You are then at the mercy of the delivery and display systems. There are, of course, technical specifications that detail the maximum latency required for broadcasting. However, there is no use such document for delivery to the user content generated services like YouTube. Usually, what happens is that the more highly compressed a delivery media is, the worse the relationship between the audio and video synchronisation gets. It truly is a minefield. I have found that, usually, the best service for correct A/V synchronisation is, in descending order of accuracy, Disc based media, SD TV from an SD original, HD broadcast television, Amazon Video, Netflix, YouTube and then an SD broadcast if has been down-converted from an HD source. Although this can vary significantly depending on the exact content.

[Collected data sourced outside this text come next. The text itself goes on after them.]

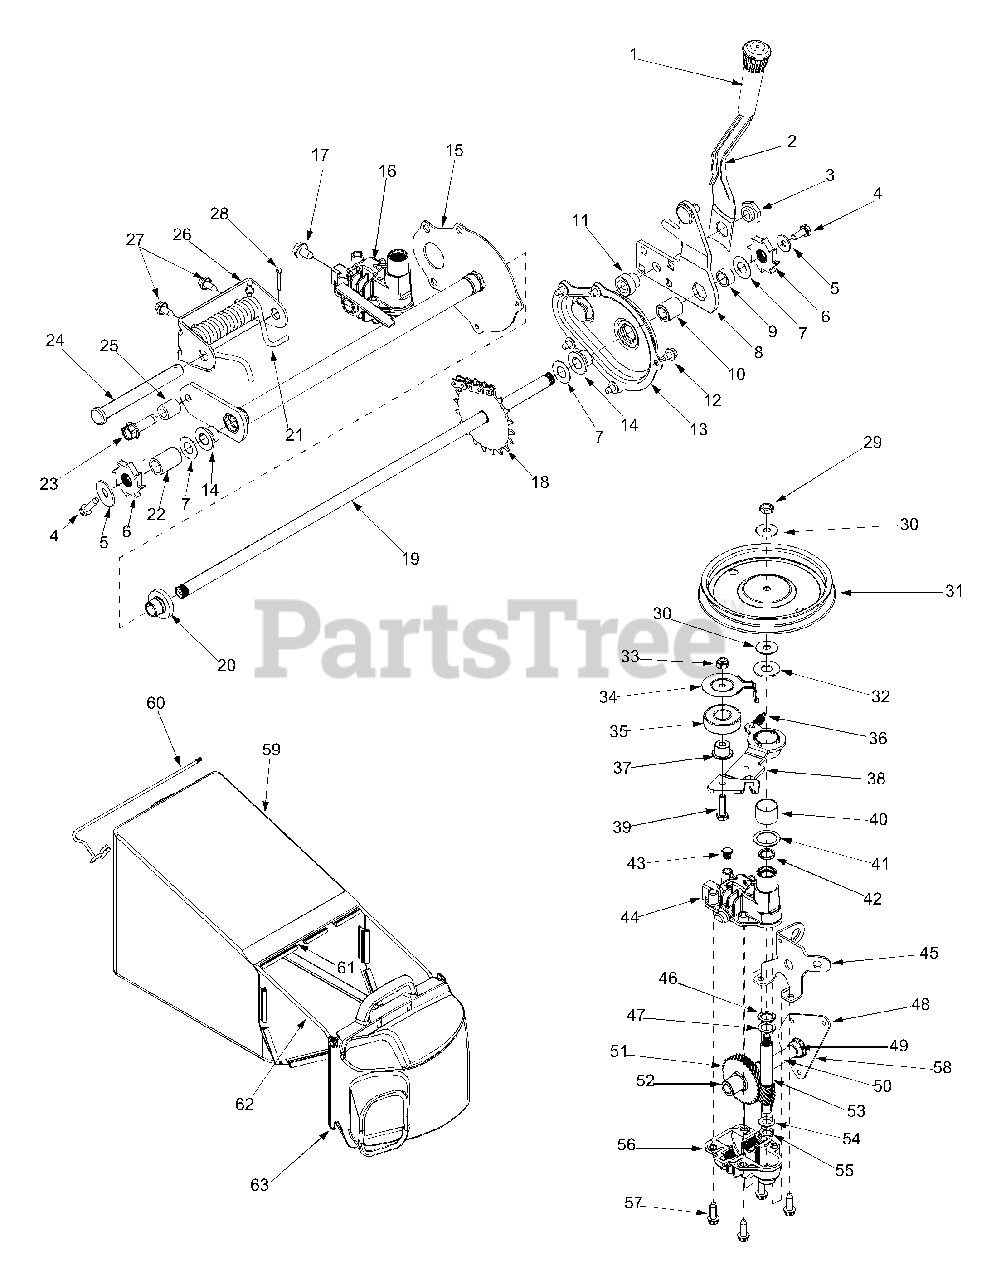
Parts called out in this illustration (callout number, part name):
2	Spring Lever
3	Shoulder Nut .825 x .165 Lg.
4	Cap Screw 1/4-20 x .620
5	Bell Washer .285 ID x .75 OD
6	Wheel Rachet
7	Flat Washer .508 ID x 1.0 OD
9	Spacer .510 ID x .70 OD
10	Sleeve Bearing .504 ID x .830 OD
11	Shoulder
12	Tap Screw 1/4-20 x .375
16	Transmission Assembly Complete
17	Hex Screw 5/16-18
18	Chain
19	Rear Axle Assembly
20	Flange Bearing .506 ID x .715 Lg
21	Torsion Spring
22	Spacer .550 ID x .750 OD
23	Screw 3/8-16 x .25
24	Clevis Pin .50 Dia x 4.82 Lg.
25	Spacer .385 ID x .624 OD
28	Cotter Pin
29	Hex Jam Nut 5/16-24
30	Bell Washer .325 ID x .930 OD
32	Flat Washer .510 ID x 1.120 OD
33	Hex Jam Nut 1/4-28
34	Belt Keeper
35	Bearing
36	Extension Spring
37	Flange Spacer
38	Idler Bracket Assembly
39	Hex Cap Screw 1/4-28 x 1.0
40	Bearing Sleeve
41	Flat Washer .885 ID x 1.45 OD
42	Oil Seal
44	Upper Housing Assembly
47	Thrust Washer .504 ID x .70 OD
48	Pivot Bracket
49	Flange Bearing
50	Output Shaft 6T
52	Bearing
53	Pinion Shaft 10T
54	Thrust Washer 3/8 x .70
55	Thrust Washer .388 x .625
56	Lower Housing Assembly
57	Hex Screw 1/2-20 x .75
58	Shaft Assembly
59	Grassbag
61	Pivot Rod
63	Grassbag Cover
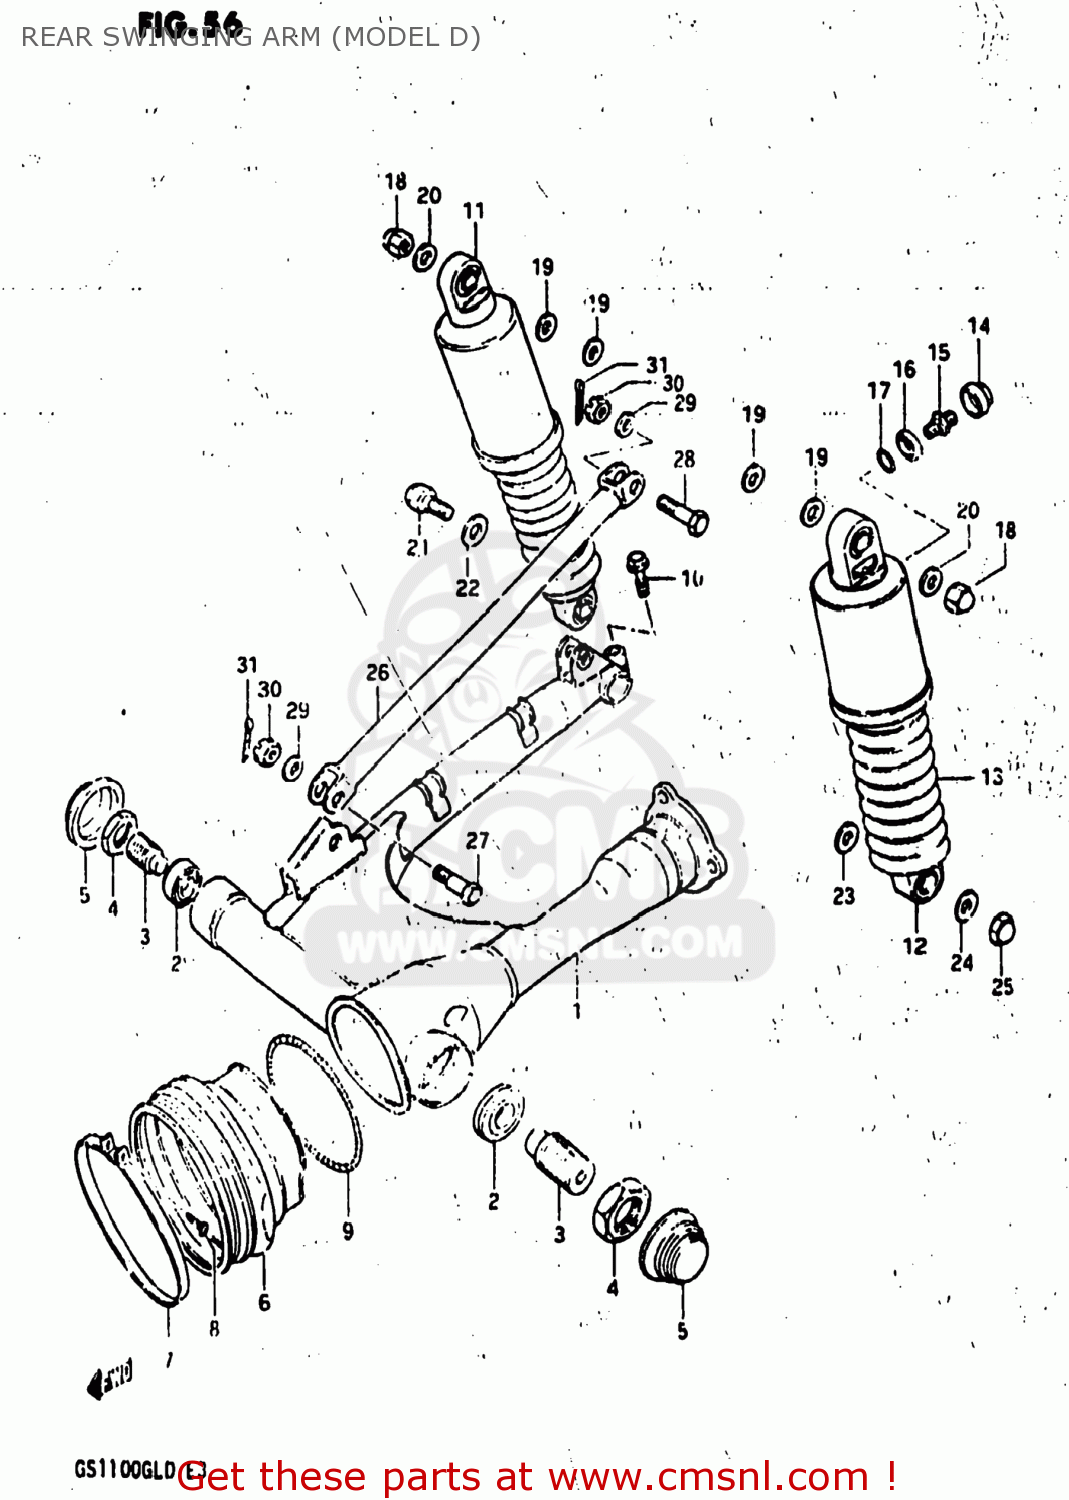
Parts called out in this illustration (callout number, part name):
1	SWING ARM SET,REAR (B
2	BEARING(17X40X13.25)
3	BOLT,REAR SWING ARM PIVOT
4	NUT
5	CAP,REAR SWING ARM PIVOT
6	BOOT,PROPELLER SHAFT
7	CLAMP
8	SCREW 4X25
9	SPRING,PROPELLER SHAFT
10	BOLT
11	ABSORBER ASSEMBLY,REAR SHOCK
12	ABSORBER ASSEMBLY,REAR SHOCK
13	BOOT,RR SHOCK
14	CAP,VALVE
15	VALVE,FRONT FORK AIR
16	SPACER,REAR SHOCK ABSORBER
17	O RING,RR SHOCK
18	NUT
19	WASHER
20	WASHER
21	BOLT 12X33
22	WASHER (12.5X24X1.6)
23	WASHER
24	WASHER
25	NUT, LOWER LH
26	TORQUE LINK,REAR
27	BOLT
28	BOLT(10X39)
29	WASHER
30	NUT
31	PIN 20X20
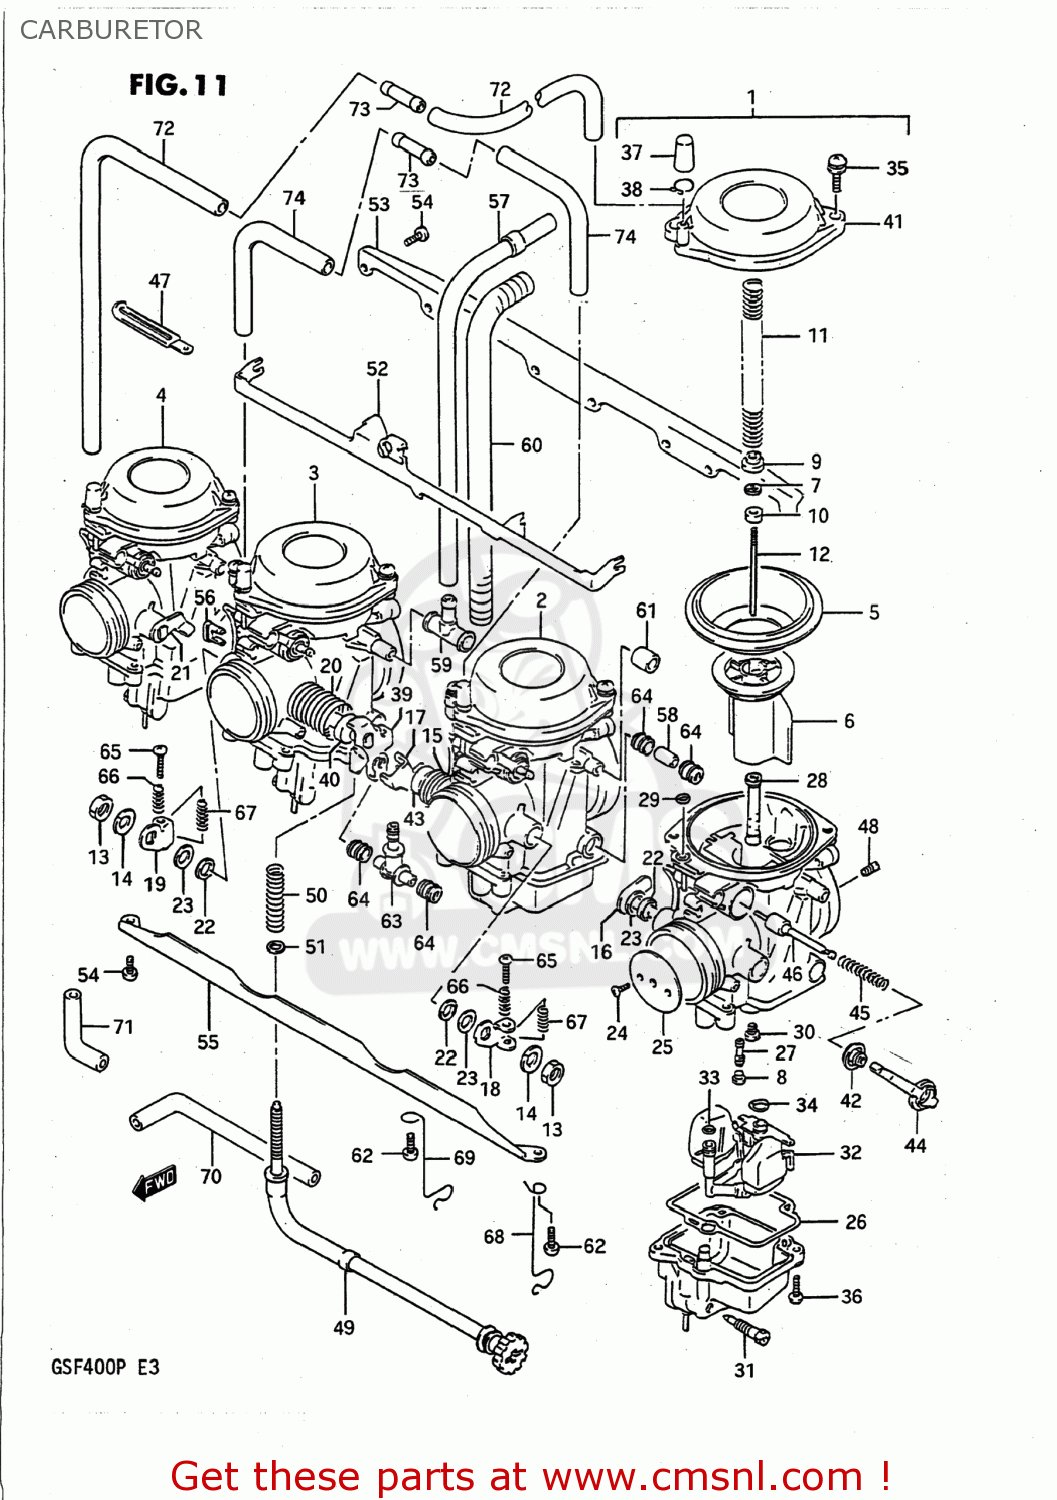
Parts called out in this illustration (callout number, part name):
1	CARBURETOR ASSEMBLY,LEFT
2	CARBURETOR ASSEMBLY,MIDDLE,LEFT
3	CARBURETOR ASSEMBLY,MIDDLE,RIGHT
4	CARBURETOR ASSEMBLY,RIGHT
5	DIAPHRAGM
6	VALVE,PISTON
7	CLIP
8	PLUG
9	RING
10	RING
11	SPRING
12	NEEDLE,JET(5EZ74)
13	NUT
14	WASHER,LOCK,8.
15	SPRING
16	SHAFT ASSEMBLY
17	SHAFT ASSEMBLY
18	LEVER
19	LEVER,THROTTLE
20	SPRING
21	SHAFT ASSEMBLY
22	SEAL
23	GASKET,THROTTLE SHAFT (NAS)
24	SCREW
25	VALVE,THROTTLE (130)
26	GASKET,FLOAT CHAMBER (NAS)
27	JET,PILOT(32.5)
28	JET,NEEDLE(O-9)
29	O RING
30	JET,MAIN(105)
31	SCREW
32	FLOAT/NEEDLE VALVE ASSY
33	O RING
34	O-RING,NEEDLE VALVE
35	SCREW
36	SCREW
37	CAP
38	CLIP
39	SHAFT ASSEMBLY
40	RING
41	COVER,DIAPHRAGM
42	CAP,STARTER
43	RING
44	HOLDER,GUIDE
45	SPRING
46	PLUNGER ASSY
47	CLAMP
48	JET,AIR
49	ADJUSTER ASSEMBLY
50	SPRING
51	WASHER
52	LEVER
53	PLATE
54	SCREW
55	PLATE
56	HOLDER
57	HOSE
58	PIPE
59	3 WAY
60	PROTECTOR,HOSE
61	HOSE
62	SCREW
63	NIPPLE
64	SEAL
65	SCREW
66	SPRING
67	SPRING
68	CLIP
69	CLIP
70	HOSE
71	HOSE ASSEMBLY
72	HOSE
73	NIPPLE
74	HOSE

None of this chain, however, takes into account variables like the software and firmware running on the display devices you are watching on and even the display type. Of course, if you're using wireless headphones or speakers to monitor, this throws another spanner into the works. If you look at the end-to-end chain it is no wonder that sometimes things go a little awry. Even the introduction of automatic lip-sync into the HDMI specification some years ago does not seem to have done anything to improve matters. This feature is actually optional and lots of devices don’t support it. It can’t do anything if the error is in the original media in the first place.
This makes it even more frustrating when sync drift isn’t consistent, either across different TV channels or even within a single one. You may also encounter a situation where different devices will produce different results, on one TV your favourite YouTuber may be in sync, but move to the Kitchen TV and they are out. This may be only a few frames, but it’s noticeable, although with smaller displays at certain distances it’s not as easy to spot.
Of course, it's not unusual to find the ability to delay the audio in the menus of the various players and even in some televisions. However, this does nothing if the video is in fact early to start with. In that case, you'll need an external A/V processor between your display device and your player which can correct for these scenarios. These tend to cost more than the players themselves or sometimes more than the television. It shouldn't be beyond the realms of possibility for this functionality to be incorporated into the display or the player. Something that once cost many hundreds of pounds or dollars to implement must surely be available now at a lower cost option? I think that perhaps the reason this feature is not offered is very simple: viewers are either not noticing the problem and complaining, or they have simply learned to live with it.